▸ **TASK TO CARRY OUT**
Your answer should consist of the lines in the data below that contain "name".

◆ ◆ ◆ ◆ ◆ ◆ ◆

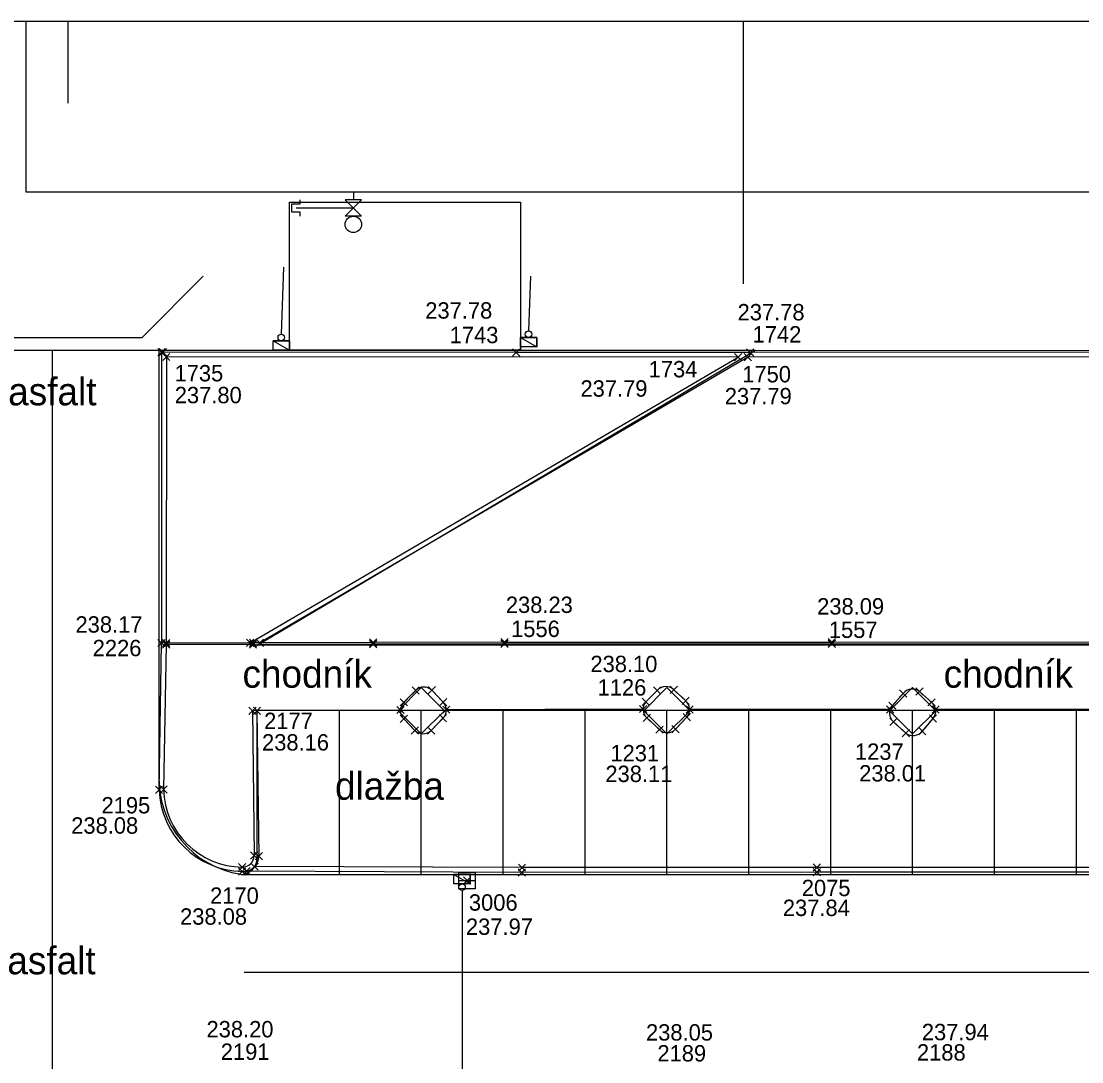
# Model space of a CAD drawing. Extents: x -264165 to -263733, y -1242319 to -1242245.
# Drawn here: x -263924.28 to -263891.9, y -1242276.71 to -1242244.94 of the extents above; entities that cross this region are included whole.
import ezdxf

# ---------------------------------------------------------------- set-up
doc = ezdxf.new("R2010")
doc.units = 0
for name, color, linetype in [('KFA_BOD_CISLO', 7, 'Continuous'), ('KFA_BOD_SYMBOL', 7, 'Continuous'), ('KFA_BOD_VYSKA', 7, 'Continuous'), ('KFA_SO_20-2_OBRUBNIKY_DOLNA_HRANA', 7, 'Continuous'), ('KFA_SO_20-2_OBRUBNIKY_HORNA_HRANA', 7, 'Continuous'), ('KFA_UV_BOD_CISLO', 7, 'Continuous'), ('KFA_UV_BOD_SYMBOL', 7, 'Continuous'), ('KFA_UV_BOD_VYSKA', 7, 'Continuous'), ('POPIS', 7, 'Continuous'), ('PROJEKT_OBRUBNIKY_KOMUNIKACIE', 7, 'Continuous'), ('PROJEKT_TDZ_VODOROVNE', 7, 'Continuous'), ('RAM_NA_TLAC_1-250', 7, 'Continuous'), ('SITUACIA_DSP_2D', 7, 'Continuous'), ('ULICNA_VPUST_POKLOP', 7, 'Continuous')]:
    doc.layers.add(name, color=color, linetype=linetype)

msp = doc.modelspace()

# ---------------------------------------------------------------- linework, layer by layer
at = {"layer": 'KFA_BOD_SYMBOL'}
for p, q in [((-263920.112, -1242255.15), (-263919.891, -1242254.93)), ((-263919.891, -1242255.15), (-263920.112, -1242254.93)), ((-263920.112, -1242255.15), (-263919.891, -1242254.93)), ((-263919.891, -1242255.15), (-263920.112, -1242254.93)), ((-263920.067, -1242255.15), (-263919.845, -1242254.93)), ((-263919.845, -1242255.15), (-263920.067, -1242254.93)), ((-263909.285, -1242255.159), (-263909.064, -1242254.938)), ((-263909.064, -1242255.159), (-263909.285, -1242254.938)), ((-263902.139, -1242255.157), (-263901.918, -1242254.937)), ((-263901.918, -1242255.157), (-263902.139, -1242254.937)), ((-263919.963, -1242255.298), (-263919.742, -1242255.076)), ((-263919.742, -1242255.298), (-263919.963, -1242255.076)), ((-263902.502, -1242255.303), (-263902.28, -1242255.083)), ((-263902.28, -1242255.303), (-263902.502, -1242255.083)), ((-263902.208, -1242255.302), (-263901.986, -1242255.08)), ((-263901.986, -1242255.302), (-263902.208, -1242255.08)), ((-263913.649, -1242264.015), (-263913.427, -1242263.795)), ((-263913.427, -1242264.015), (-263913.649, -1242263.795)), ((-263909.638, -1242264.008), (-263909.416, -1242263.786)), ((-263909.416, -1242264.008), (-263909.638, -1242263.786)), ((-263899.648, -1242264.005), (-263899.427, -1242263.785)), ((-263899.427, -1242264.005), (-263899.648, -1242263.785)), ((-263920.111, -1242264.031), (-263919.889, -1242263.809)), ((-263919.889, -1242264.031), (-263920.111, -1242263.809)), ((-263919.967, -1242264.031), (-263919.746, -1242263.809)), ((-263919.746, -1242264.031), (-263919.967, -1242263.809)), ((-263919.967, -1242264.08), (-263919.746, -1242263.86)), ((-263919.746, -1242264.08), (-263919.967, -1242263.86)), ((-263917.405, -1242264.026), (-263917.183, -1242263.806)), ((-263917.183, -1242264.026), (-263917.405, -1242263.806)), ((-263917.317, -1242264.026), (-263917.095, -1242263.806)), ((-263917.095, -1242264.026), (-263917.317, -1242263.806)), ((-263917.317, -1242264.076), (-263917.095, -1242263.856)), ((-263917.095, -1242264.076), (-263917.317, -1242263.856)), ((-263917.106, -1242264.025), (-263916.884, -1242263.805)), ((-263916.884, -1242264.025), (-263917.106, -1242263.805)), ((-263913.649, -1242264.066), (-263913.427, -1242263.845)), ((-263913.427, -1242264.066), (-263913.649, -1242263.845)), ((-263909.638, -1242264.058), (-263909.416, -1242263.836)), ((-263909.416, -1242264.058), (-263909.638, -1242263.836)), ((-263899.648, -1242264.056), (-263899.427, -1242263.835)), ((-263899.427, -1242264.056), (-263899.648, -1242263.835)), ((-263912.351, -1242265.477), (-263912.13, -1242265.255)), ((-263912.13, -1242265.477), (-263912.351, -1242265.255)), ((-263911.861, -1242265.471), (-263911.639, -1242265.251)), ((-263911.639, -1242265.471), (-263911.861, -1242265.251)), ((-263904.976, -1242265.482), (-263904.755, -1242265.262)), ((-263904.755, -1242265.482), (-263904.976, -1242265.262)), ((-263904.47, -1242265.458), (-263904.25, -1242265.237)), ((-263904.25, -1242265.458), (-263904.47, -1242265.237)), ((-263897.47, -1242265.57), (-263897.248, -1242265.35)), ((-263897.248, -1242265.57), (-263897.47, -1242265.35)), ((-263896.97, -1242265.512), (-263896.748, -1242265.292)), ((-263896.748, -1242265.512), (-263896.97, -1242265.292)), ((-263912.709, -1242265.84), (-263912.487, -1242265.62)), ((-263912.487, -1242265.84), (-263912.709, -1242265.62)), ((-263911.513, -1242265.836), (-263911.291, -1242265.615)), ((-263911.291, -1242265.836), (-263911.513, -1242265.615)), ((-263905.323, -1242265.826), (-263905.101, -1242265.606)), ((-263905.101, -1242265.826), (-263905.323, -1242265.606)), ((-263904.107, -1242265.792), (-263903.886, -1242265.572)), ((-263903.886, -1242265.792), (-263904.107, -1242265.572)), ((-263897.799, -1242265.944), (-263897.578, -1242265.722)), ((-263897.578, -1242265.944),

◆ ◆ ◆ ◆ ◆ ◆ ◆

▸ **EXERCISE ANSWER**
for name, color, linetype in [('KFA_BOD_CISLO', 7, 'Continuous'), ('KFA_BOD_SYMBOL', 7, 'Continuous'), ('KFA_BOD_VYSKA', 7, 'Continuous'), ('KFA_SO_20-2_OBRUBNIKY_DOLNA_HRANA', 7, 'Continuous'), ('KFA_SO_20-2_OBRUBNIKY_HORNA_HRANA', 7, 'Continuous'), ('KFA_UV_BOD_CISLO', 7, 'Continuous'), ('KFA_UV_BOD_SYMBOL', 7, 'Continuous'), ('KFA_UV_BOD_VYSKA', 7, 'Continuous'), ('POPIS', 7, 'Continuous'), ('PROJEKT_OBRUBNIKY_KOMUNIKACIE', 7, 'Continuous'), ('PROJEKT_TDZ_VODOROVNE', 7, 'Continuous'), ('RAM_NA_TLAC_1-250', 7, 'Continuous'), ('SITUACIA_DSP_2D', 7, 'Continuous'), ('ULICNA_VPUST_POKLOP', 7, 'Continuous')]:
    doc.layers.add(name, color=color, linetype=linetype)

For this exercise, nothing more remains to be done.